=== Section Start ===

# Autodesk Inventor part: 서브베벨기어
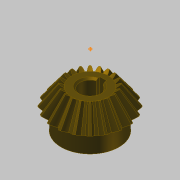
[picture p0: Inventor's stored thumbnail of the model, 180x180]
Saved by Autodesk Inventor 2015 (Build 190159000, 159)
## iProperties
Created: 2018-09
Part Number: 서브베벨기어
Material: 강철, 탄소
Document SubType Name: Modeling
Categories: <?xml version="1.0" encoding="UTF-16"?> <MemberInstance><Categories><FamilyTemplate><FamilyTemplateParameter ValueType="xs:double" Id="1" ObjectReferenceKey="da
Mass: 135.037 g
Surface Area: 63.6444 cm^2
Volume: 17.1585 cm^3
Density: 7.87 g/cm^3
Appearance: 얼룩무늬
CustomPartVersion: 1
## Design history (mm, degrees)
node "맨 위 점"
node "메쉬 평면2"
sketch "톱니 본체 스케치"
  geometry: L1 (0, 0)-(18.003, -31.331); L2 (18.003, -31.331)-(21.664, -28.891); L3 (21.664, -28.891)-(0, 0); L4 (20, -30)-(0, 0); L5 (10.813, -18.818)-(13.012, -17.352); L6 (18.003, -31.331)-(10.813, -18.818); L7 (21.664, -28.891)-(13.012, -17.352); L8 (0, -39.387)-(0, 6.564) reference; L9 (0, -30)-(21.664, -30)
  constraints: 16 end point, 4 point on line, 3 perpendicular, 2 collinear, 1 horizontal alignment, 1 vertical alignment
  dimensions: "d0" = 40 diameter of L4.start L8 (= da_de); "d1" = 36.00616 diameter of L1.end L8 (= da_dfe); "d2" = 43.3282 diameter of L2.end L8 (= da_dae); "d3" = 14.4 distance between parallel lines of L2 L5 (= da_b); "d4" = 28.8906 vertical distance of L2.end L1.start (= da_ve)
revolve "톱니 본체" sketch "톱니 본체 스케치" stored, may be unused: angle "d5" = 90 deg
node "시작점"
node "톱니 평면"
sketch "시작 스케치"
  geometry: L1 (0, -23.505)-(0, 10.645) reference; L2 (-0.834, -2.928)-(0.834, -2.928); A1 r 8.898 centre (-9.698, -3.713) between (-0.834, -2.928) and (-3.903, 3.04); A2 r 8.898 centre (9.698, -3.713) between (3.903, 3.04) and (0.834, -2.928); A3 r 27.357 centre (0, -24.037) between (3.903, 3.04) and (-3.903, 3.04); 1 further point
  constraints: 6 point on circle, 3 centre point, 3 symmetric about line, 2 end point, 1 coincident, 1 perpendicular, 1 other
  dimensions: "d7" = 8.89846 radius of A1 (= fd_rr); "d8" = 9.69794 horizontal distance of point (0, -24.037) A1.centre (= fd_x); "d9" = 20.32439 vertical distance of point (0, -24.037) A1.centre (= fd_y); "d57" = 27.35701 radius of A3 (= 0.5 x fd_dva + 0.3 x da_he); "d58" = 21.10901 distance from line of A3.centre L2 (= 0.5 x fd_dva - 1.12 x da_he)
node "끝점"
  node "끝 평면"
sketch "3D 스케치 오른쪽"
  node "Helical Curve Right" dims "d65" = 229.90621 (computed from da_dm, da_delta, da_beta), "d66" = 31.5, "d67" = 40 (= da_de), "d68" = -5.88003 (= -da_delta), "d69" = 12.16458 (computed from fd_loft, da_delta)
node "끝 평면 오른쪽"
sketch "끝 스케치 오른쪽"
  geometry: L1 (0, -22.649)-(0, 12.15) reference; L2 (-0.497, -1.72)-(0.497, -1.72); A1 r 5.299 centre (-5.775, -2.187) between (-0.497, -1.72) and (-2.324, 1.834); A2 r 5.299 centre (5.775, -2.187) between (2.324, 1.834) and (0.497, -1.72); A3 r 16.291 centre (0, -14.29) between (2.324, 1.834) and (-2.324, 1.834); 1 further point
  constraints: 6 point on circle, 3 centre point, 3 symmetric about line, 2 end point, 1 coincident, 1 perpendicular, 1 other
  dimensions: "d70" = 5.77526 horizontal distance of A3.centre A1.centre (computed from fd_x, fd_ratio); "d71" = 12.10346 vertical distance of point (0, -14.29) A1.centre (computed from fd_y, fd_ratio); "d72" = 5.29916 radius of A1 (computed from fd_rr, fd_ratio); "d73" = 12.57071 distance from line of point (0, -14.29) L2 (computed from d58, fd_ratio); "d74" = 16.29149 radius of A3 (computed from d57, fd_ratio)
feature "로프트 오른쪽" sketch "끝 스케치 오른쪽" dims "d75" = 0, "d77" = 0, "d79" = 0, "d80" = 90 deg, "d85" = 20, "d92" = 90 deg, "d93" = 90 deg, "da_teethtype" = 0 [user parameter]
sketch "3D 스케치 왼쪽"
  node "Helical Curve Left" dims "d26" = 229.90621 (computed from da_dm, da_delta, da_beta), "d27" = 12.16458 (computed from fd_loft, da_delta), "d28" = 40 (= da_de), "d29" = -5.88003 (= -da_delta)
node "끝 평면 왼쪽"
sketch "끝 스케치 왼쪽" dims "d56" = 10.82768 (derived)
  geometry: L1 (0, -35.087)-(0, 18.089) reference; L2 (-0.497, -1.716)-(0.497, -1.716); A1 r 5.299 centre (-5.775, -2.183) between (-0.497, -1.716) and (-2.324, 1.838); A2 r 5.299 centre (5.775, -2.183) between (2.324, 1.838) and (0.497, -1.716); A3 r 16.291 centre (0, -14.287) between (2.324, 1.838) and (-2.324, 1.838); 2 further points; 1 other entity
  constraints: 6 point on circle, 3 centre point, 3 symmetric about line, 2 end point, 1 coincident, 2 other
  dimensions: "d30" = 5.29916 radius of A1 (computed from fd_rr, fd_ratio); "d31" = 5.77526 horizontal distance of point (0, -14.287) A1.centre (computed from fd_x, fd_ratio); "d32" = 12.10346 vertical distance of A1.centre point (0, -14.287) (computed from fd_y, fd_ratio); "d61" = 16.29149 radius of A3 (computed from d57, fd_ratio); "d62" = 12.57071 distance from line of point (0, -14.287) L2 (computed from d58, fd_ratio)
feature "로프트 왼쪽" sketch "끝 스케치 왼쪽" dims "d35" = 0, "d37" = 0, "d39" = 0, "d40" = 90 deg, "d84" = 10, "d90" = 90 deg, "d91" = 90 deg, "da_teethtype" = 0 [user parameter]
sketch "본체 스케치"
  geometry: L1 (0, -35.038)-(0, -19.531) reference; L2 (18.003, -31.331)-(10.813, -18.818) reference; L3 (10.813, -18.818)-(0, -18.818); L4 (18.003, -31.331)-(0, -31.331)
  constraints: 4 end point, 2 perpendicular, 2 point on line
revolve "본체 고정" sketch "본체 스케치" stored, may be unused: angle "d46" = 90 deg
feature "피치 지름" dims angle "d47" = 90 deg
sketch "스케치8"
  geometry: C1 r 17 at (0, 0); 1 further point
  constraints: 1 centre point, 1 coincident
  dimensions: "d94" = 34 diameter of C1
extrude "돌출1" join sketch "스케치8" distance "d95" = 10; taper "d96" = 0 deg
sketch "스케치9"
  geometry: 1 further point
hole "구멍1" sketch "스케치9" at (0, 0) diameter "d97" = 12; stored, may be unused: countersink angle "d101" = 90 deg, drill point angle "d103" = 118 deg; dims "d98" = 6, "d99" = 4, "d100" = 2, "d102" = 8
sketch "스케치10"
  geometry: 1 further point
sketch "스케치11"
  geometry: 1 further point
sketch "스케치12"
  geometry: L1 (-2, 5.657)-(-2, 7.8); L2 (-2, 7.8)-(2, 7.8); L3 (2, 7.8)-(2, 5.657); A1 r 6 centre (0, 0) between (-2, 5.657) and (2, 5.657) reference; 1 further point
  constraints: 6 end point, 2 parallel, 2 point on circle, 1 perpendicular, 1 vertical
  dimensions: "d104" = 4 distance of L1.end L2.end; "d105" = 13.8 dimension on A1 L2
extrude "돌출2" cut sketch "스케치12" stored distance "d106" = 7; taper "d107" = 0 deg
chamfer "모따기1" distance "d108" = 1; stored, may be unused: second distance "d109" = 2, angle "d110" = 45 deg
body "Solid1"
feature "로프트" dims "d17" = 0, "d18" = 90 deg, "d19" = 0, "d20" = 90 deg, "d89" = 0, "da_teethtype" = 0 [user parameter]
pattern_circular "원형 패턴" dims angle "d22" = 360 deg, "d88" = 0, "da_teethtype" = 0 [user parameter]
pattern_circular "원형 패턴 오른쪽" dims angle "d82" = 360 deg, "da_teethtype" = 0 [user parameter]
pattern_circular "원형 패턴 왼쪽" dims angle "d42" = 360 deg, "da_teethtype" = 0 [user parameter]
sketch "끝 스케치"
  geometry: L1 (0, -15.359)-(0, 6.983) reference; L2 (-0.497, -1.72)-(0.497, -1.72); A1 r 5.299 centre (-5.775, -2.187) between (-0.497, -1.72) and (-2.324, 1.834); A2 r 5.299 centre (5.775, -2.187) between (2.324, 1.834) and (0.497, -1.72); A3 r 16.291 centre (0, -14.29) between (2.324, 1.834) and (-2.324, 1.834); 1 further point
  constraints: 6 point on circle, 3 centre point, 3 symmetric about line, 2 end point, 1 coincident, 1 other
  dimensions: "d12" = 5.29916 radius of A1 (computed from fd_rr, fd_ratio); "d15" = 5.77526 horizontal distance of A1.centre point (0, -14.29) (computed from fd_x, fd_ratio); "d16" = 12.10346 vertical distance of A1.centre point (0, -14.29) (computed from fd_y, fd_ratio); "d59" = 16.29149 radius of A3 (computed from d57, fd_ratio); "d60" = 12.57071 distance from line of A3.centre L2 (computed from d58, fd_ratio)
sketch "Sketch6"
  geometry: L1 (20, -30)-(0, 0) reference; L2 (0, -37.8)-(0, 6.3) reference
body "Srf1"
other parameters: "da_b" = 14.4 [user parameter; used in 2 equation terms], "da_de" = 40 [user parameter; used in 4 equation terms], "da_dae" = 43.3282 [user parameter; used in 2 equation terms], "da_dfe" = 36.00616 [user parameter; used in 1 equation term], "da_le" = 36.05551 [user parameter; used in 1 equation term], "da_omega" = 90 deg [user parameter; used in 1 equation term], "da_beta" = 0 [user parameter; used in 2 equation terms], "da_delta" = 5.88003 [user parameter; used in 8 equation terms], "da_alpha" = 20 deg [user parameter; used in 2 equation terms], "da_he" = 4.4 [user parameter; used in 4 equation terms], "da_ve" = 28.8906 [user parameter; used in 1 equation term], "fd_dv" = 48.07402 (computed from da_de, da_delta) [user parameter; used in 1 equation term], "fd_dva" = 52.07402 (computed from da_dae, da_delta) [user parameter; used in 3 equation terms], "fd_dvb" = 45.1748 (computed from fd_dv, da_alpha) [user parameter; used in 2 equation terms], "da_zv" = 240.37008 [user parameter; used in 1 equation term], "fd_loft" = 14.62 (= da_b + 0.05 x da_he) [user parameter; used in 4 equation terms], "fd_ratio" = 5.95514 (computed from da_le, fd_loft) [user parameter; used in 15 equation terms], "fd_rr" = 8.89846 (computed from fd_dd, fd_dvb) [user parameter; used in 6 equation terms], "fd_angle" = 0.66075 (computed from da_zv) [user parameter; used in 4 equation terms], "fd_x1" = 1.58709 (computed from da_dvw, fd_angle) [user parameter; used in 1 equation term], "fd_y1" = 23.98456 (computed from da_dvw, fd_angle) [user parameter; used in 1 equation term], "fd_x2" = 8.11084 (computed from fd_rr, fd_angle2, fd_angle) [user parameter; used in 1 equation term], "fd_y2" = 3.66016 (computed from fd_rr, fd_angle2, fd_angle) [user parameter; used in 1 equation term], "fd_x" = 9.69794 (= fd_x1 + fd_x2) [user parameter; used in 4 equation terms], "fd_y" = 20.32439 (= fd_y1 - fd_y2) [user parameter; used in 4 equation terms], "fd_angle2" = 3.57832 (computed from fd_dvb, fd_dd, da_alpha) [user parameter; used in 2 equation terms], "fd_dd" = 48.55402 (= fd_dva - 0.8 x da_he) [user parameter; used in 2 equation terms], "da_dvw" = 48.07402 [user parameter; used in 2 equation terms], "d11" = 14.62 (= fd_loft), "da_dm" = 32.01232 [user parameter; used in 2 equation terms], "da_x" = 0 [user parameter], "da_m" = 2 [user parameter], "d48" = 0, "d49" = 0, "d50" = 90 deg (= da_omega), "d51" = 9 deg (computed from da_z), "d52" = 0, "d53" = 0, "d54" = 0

=== Section End ===

### PROMPT
Could you repeat exactly the lines from the first one of the records above through the line containing "geometry: L1 (0, 0)-(18.003, -31.331);", leaving out any pictures?

### RESULT OF THE EXERCISE
# Autodesk Inventor part: 서브베벨기어
[picture p0: Inventor's stored thumbnail of the model, 180x180]
Saved by Autodesk Inventor 2015 (Build 190159000, 159)
## iProperties
Created: 2018-09
Part Number: 서브베벨기어
Material: 강철, 탄소
Document SubType Name: Modeling
Categories: <?xml version="1.0" encoding="UTF-16"?> <MemberInstance><Categories><FamilyTemplate><FamilyTemplateParameter ValueType="xs:double" Id="1" ObjectReferenceKey="da
Mass: 135.037 g
Surface Area: 63.6444 cm^2
Volume: 17.1585 cm^3
Density: 7.87 g/cm^3
Appearance: 얼룩무늬
CustomPartVersion: 1
## Design history (mm, degrees)
node "맨 위 점"
node "메쉬 평면2"
sketch "톱니 본체 스케치"
  geometry: L1 (0, 0)-(18.003, -31.331); L2 (18.003, -31.331)-(21.664, -28.891); L3 (21.664, -28.891)-(0, 0); L4 (20, -30)-(0, 0); L5 (10.813, -18.818)-(13.012, -17.352); L6 (18.003, -31.331)-(10.813, -18.818); L7 (21.664, -28.891)-(13.012, -17.352); L8 (0, -39.387)-(0, 6.564) reference; L9 (0, -30)-(21.664, -30)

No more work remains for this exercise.